Portrait of the Fighter an exercise in dedication at TIFF
by Stefan Dobroiu
Portrait of the Fighter as a Young Man, in the Romanian Days competition at this year's Transylvania International Film Festival (May 28-June 6), ends with a dedication “to the dedicated”. This choice of words is appropriate, the dedication being both a highlight of the protagonists' exemplary destinies and a warning to the dispassionate viewer: the film is too long (163 minutes) and monotonous to appeal to those who are not specifically interested in this dark period of Romania's history.
Constantin Popescu's debut feature, after the collective Tales From the Golden Age [+see also:
film profile], tells the story of the young Romanian fighters in the group led by Ion Gavrila Ogoranu, one of the most famous leaders of anti-communist resistance, who kept his ground in the Fagaras mountains from 1944-57, against the cold, hunger, treason, wounds and an increasing number of army raids. Together with his brothers-in-arms Leu, Brancoveanu, The Teacher and others, Ogoranu fought against the huge prison into which the communists turned Romania. Helped by the peasants and hunted by the Securitate, these heroes begun a long, tense cat-and-mouse game with the army, dreaming of the day the Americans would arrive and liberate the entire country.
Based on years of extensive research, Popescu's film sheds light on a part of the country's history that was carefully and thoroughly tampered with during the communist regime. The undertaking is enormously praiseworthy, but Portrait perhaps should have been a documentary and not a feature film. A long succession of dramatically identical armed encounters with the army alternate with tense moments of waiting, which makes the film feel like a mere review of important moments in the lives of Ogoranu and his partners. The director's choices may bring historical depth, but they also refuses the protagonists a status they deserve: that of film heroes and not simply reproductions of historical personalities.
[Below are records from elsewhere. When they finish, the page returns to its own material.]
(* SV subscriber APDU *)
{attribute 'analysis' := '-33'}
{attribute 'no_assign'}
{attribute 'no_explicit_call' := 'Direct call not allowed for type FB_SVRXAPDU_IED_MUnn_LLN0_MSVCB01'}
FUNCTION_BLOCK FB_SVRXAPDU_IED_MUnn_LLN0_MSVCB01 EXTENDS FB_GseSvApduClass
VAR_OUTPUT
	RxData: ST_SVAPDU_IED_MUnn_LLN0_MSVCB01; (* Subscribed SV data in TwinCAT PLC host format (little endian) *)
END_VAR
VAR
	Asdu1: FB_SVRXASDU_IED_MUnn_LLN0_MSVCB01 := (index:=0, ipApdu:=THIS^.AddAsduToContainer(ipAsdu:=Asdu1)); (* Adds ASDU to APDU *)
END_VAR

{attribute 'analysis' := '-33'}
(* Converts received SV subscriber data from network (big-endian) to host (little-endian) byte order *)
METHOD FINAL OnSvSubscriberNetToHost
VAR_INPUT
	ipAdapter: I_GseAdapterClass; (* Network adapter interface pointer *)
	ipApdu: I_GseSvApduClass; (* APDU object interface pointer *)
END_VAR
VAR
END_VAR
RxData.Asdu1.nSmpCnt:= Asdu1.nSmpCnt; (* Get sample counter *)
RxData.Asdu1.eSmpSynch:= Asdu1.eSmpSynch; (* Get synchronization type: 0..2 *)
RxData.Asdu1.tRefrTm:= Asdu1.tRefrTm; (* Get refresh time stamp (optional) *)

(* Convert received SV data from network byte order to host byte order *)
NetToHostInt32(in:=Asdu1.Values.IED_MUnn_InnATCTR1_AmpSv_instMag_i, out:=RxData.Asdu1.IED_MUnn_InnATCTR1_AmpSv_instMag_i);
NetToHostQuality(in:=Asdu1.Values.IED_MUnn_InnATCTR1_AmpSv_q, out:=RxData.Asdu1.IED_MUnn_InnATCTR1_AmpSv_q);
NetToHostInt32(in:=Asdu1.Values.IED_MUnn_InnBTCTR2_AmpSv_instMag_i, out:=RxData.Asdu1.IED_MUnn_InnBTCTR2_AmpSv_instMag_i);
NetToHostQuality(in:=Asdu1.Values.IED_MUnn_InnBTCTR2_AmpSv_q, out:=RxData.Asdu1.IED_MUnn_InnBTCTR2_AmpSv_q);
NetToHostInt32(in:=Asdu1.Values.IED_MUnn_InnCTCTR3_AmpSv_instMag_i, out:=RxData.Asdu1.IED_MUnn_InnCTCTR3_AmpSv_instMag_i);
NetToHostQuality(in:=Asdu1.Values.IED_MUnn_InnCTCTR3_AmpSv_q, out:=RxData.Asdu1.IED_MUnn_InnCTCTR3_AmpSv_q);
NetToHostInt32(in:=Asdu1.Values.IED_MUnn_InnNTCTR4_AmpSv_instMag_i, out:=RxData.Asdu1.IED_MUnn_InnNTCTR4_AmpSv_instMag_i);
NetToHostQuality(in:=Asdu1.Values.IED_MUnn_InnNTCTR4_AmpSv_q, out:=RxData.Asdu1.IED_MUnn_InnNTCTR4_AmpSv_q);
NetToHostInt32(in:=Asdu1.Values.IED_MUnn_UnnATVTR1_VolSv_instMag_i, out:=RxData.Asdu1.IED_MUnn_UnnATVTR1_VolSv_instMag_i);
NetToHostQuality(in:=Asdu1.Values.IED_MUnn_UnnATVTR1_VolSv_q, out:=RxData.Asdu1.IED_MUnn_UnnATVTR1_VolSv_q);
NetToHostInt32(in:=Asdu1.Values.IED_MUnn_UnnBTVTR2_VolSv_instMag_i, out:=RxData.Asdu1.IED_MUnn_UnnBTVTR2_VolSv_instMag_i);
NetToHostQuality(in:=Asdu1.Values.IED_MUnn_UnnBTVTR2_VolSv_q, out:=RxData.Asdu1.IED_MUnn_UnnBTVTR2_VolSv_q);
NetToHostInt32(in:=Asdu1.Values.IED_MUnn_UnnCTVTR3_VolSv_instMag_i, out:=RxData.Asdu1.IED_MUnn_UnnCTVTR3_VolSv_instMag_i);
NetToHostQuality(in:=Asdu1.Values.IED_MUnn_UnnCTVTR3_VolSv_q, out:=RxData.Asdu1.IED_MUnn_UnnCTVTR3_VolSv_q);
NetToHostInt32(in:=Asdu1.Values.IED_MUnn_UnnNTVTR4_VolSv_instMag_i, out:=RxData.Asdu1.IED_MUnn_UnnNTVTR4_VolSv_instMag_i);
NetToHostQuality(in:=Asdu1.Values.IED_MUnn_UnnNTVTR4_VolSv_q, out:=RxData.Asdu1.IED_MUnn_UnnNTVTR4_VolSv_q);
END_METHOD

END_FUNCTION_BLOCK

Long sequences of speeches by Securitate officers and communist leaders create ever more distance between the viewer and the story, and the film’s ending will leave audiences with a vital question that, unfortunately, remains unanswered: “Who were these people and what did they fight for?” Also surprising is a legal disclaimer in the end that states that, although the research for Portrait was thorough, any resemblance to real events is coincidental and unintentional. It follows footage of the real Ogoranu, who was caught by the communist authorities much later, in 1976.
Popescu's film premièred in the Berlinale's Forum section in February and won the Audience and Best Cinematography awards at the Buchar-EST International Film Festival in April. The film was produced by Filmex and is sold internationally by Coach 14. It will be domestically released in October.